Canada Defence Min declines to answer question from NDP about CBC report on NSA/G20 surveillance—
Paul Vieira (@paulvieira) November 28, 2013
Nicholson won't comment on foreign intelligence activities. He says CSEC prohibited from spying on Cdns.. won't say if they did or didn't.—
Michael Den Tandt (@mdentandt) November 28, 2013
Remember the Fake Lake? Maybe it was a giant cover for an underwater spy base? No, of course it wasn’t, that’s silly. What is real though is the Prime Minister refusing to get or give honest answers about which laws were broken by our signals intelligence organization.
The office of Prime Minister Stephen Harper is declining to comment on allegations that Canadian authorities allowed a U.S. intelligence agency to spy on dozens of delegates during the 2010 G8 and G20 summits held in Canada.
The allegations are once again shining a light on Canada’s involvement in spying on world leaders, as previously leaked documents revealed that Canadian authorities have participated in similar espionage in the past.

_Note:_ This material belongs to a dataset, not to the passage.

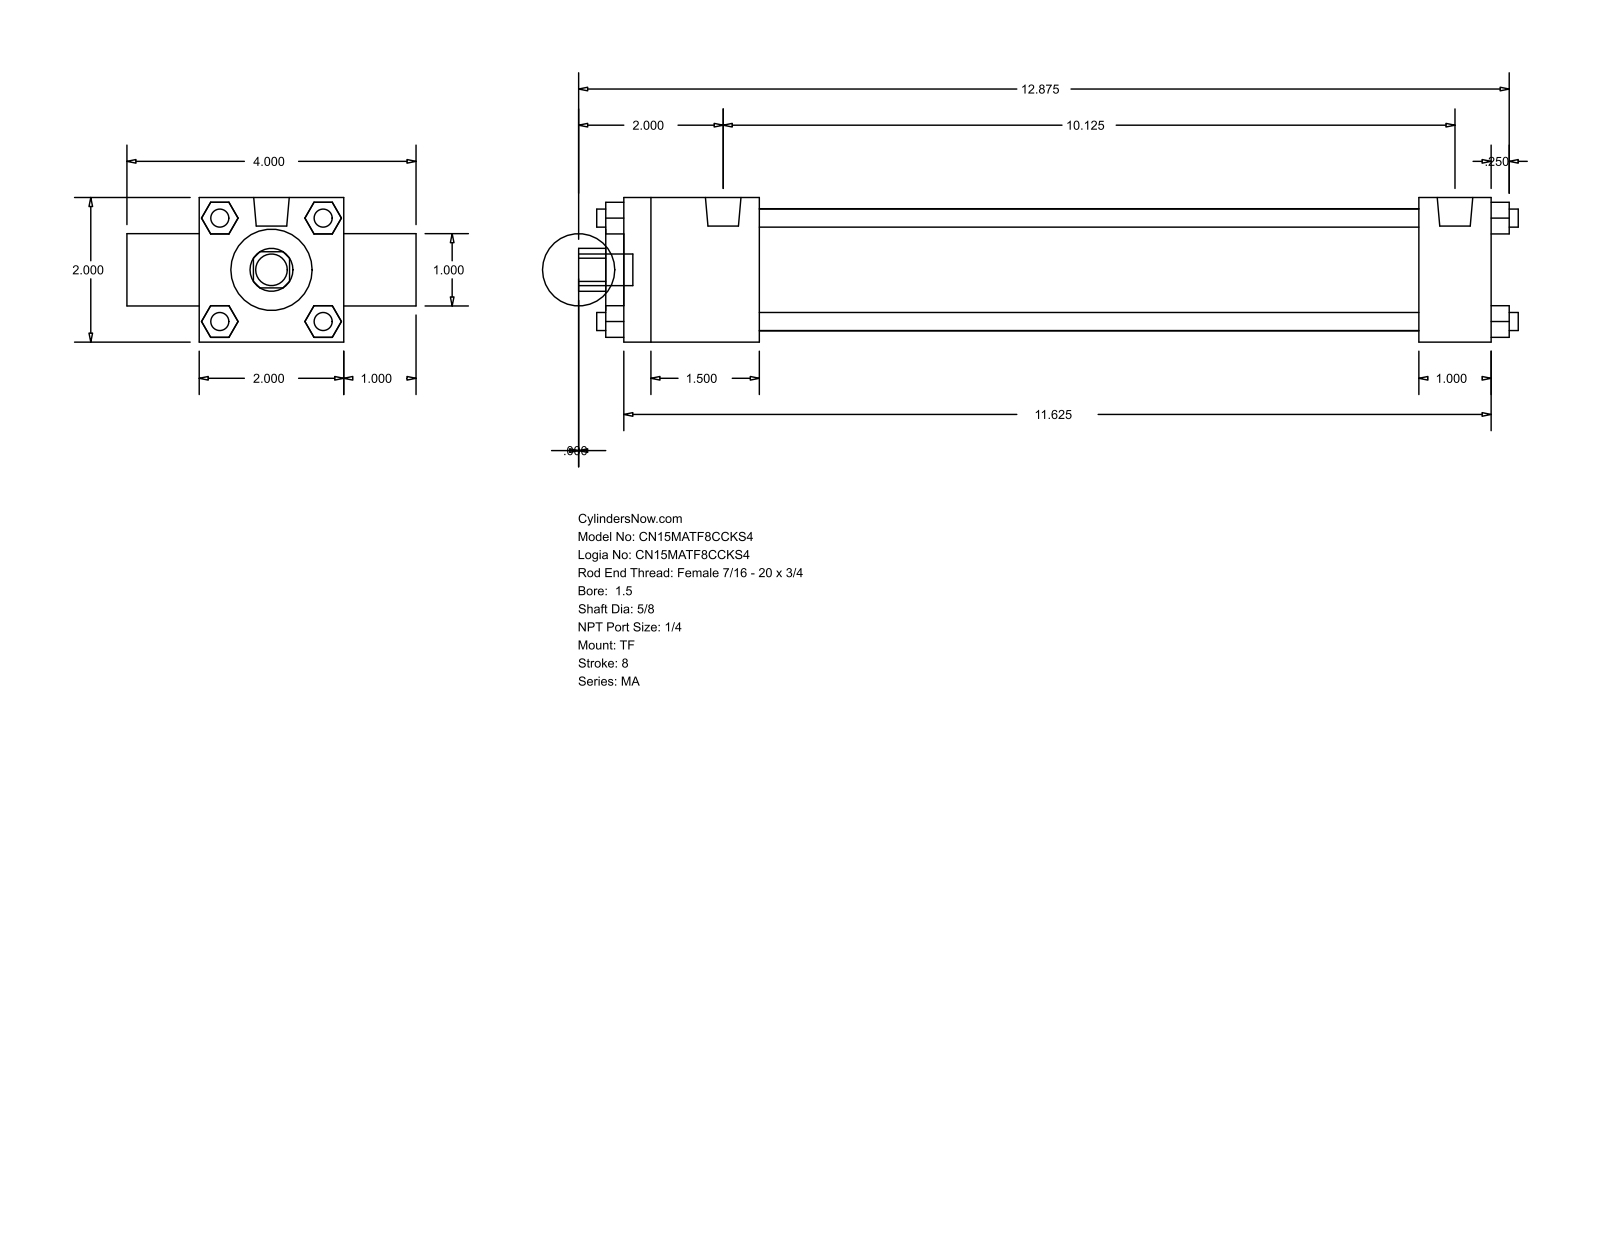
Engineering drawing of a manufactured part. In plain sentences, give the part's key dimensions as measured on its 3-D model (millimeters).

The new allegations are contained in top secret documents retrieved by American whistleblower Edward Snowden that were obtained by the CBC, and outlined in a report Wednesday.
The documents, according to the CBC, show that American authorities used the U.S. Embassy in Ottawa as a command post for the National Security Agency to conduct a spy operation that was approved by Canadian authorities during the summits held in Toronto and Huntsville, Ont. NSA briefing notes, according to the report, described the plan as “closely co-ordinated with the Canadian partner.” It’s alleged that the “partner” is the Communication Security Establishment of Canada.